Records shown »
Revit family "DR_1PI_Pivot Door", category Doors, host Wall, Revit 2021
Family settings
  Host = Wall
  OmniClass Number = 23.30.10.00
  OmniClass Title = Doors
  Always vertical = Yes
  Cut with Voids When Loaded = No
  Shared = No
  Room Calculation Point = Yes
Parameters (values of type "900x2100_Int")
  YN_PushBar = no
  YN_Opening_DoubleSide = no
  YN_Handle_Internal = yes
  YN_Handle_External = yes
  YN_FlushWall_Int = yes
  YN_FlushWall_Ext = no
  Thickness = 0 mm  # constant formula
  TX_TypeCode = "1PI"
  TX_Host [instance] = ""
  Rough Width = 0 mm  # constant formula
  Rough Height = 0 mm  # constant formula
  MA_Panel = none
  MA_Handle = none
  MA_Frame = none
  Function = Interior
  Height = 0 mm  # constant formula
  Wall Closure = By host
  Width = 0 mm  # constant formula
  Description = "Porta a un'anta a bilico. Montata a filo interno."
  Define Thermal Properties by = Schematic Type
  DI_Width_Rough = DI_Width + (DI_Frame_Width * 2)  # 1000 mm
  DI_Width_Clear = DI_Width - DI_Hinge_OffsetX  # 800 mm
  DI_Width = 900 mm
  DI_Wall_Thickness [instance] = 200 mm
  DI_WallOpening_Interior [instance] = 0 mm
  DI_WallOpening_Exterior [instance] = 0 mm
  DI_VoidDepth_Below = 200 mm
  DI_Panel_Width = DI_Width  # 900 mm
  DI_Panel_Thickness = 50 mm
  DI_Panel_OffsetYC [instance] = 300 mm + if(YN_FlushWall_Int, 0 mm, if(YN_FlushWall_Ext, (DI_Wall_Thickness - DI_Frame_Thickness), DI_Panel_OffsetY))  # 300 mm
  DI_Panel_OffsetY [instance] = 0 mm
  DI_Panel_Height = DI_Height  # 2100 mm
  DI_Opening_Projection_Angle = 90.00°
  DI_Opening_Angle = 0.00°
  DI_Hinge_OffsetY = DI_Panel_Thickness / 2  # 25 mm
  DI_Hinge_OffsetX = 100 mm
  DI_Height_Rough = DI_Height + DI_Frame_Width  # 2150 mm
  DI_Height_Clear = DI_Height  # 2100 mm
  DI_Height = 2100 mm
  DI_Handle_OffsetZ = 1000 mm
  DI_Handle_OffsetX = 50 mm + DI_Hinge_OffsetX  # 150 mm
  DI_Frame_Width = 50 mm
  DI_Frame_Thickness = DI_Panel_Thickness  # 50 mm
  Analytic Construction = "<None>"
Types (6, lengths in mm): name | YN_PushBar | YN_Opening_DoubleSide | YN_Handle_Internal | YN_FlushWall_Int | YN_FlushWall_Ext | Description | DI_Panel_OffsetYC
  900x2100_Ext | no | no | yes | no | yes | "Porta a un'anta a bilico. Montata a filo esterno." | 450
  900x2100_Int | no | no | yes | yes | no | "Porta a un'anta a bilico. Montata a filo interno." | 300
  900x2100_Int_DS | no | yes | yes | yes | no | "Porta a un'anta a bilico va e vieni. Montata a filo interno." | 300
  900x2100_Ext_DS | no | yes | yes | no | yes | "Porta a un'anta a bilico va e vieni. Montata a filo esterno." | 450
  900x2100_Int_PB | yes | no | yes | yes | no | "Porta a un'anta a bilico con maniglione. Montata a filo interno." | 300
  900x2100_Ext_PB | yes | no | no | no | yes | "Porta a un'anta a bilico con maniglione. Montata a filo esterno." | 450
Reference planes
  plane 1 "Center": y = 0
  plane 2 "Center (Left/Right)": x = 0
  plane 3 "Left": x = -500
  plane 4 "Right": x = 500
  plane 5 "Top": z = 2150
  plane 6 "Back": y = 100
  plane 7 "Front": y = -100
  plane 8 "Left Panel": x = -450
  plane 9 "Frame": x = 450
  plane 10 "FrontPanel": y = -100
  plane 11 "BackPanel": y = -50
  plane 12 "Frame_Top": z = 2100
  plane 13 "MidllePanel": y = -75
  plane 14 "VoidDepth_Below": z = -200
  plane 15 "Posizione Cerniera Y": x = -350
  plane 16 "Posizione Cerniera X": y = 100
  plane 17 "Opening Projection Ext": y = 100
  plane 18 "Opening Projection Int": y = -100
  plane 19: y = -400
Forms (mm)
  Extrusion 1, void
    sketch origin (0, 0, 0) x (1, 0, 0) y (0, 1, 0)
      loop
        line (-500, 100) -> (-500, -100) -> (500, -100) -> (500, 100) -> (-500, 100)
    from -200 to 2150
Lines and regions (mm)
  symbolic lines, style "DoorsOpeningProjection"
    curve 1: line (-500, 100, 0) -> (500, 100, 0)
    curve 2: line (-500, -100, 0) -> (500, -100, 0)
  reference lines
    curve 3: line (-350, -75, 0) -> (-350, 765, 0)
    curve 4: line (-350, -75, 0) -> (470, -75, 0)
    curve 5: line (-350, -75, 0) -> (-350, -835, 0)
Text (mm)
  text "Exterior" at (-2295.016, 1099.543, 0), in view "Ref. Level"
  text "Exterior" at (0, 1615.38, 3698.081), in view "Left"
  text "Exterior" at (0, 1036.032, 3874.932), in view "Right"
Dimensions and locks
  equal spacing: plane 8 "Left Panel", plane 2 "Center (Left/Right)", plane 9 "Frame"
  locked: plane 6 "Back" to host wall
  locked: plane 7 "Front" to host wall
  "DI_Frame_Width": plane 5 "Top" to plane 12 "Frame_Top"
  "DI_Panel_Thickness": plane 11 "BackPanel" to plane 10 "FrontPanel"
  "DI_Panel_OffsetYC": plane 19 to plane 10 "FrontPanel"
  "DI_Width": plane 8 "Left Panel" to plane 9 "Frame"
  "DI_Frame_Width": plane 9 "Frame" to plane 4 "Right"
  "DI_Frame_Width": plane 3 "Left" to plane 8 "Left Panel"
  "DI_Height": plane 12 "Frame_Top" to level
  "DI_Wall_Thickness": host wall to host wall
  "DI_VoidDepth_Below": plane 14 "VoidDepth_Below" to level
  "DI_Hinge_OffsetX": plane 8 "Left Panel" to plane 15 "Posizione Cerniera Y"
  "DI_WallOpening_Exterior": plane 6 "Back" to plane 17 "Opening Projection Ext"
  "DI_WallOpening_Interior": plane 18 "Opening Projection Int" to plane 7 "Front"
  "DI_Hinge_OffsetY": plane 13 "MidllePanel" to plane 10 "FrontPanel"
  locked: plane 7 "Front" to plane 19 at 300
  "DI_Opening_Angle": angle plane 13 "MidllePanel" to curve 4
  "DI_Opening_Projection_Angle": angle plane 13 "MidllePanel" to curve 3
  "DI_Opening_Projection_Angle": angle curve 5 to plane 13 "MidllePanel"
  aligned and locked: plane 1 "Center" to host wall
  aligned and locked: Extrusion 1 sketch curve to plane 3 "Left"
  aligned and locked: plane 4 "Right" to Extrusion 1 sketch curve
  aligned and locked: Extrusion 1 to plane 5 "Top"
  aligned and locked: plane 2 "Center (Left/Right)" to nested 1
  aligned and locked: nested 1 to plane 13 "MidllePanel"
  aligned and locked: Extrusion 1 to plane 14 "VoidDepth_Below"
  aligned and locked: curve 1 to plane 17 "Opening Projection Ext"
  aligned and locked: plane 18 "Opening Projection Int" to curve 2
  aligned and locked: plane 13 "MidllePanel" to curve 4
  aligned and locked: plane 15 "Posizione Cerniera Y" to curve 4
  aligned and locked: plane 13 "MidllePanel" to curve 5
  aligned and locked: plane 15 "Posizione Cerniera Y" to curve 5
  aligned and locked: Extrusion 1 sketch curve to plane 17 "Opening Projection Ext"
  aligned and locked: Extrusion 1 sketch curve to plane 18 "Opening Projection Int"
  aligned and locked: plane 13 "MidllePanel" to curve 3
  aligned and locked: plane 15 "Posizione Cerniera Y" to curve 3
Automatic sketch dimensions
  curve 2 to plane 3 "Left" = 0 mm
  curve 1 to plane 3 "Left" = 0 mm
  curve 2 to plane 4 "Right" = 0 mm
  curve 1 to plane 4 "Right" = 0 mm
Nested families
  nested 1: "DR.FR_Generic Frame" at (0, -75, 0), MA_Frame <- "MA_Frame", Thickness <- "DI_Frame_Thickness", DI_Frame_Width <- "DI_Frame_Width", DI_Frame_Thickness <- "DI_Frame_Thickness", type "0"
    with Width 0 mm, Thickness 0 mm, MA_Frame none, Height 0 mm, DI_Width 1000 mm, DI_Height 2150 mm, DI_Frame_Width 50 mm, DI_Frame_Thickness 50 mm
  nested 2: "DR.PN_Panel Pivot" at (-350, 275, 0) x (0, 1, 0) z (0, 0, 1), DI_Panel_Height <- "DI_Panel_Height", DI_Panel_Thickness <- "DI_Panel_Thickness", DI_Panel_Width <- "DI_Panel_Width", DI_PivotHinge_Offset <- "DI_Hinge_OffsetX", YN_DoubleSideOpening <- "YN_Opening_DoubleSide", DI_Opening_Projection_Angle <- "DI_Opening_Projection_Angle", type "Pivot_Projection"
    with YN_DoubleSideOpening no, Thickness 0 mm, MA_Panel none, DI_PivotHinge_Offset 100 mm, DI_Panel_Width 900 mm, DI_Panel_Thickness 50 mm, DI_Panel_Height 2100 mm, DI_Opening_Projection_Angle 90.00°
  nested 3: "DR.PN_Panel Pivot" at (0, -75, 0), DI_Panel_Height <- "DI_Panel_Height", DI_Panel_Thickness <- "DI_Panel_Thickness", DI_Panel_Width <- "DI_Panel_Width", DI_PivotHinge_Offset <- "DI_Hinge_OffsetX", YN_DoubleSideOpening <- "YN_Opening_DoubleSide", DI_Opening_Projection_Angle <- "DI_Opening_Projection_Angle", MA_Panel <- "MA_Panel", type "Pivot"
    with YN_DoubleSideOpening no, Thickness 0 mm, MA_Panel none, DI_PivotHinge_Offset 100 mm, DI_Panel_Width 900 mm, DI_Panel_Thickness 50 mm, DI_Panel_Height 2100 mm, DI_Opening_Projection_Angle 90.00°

Exercise directions » Only the number is wanted: how many lines in the listing hold "esterno"?

Your response » 3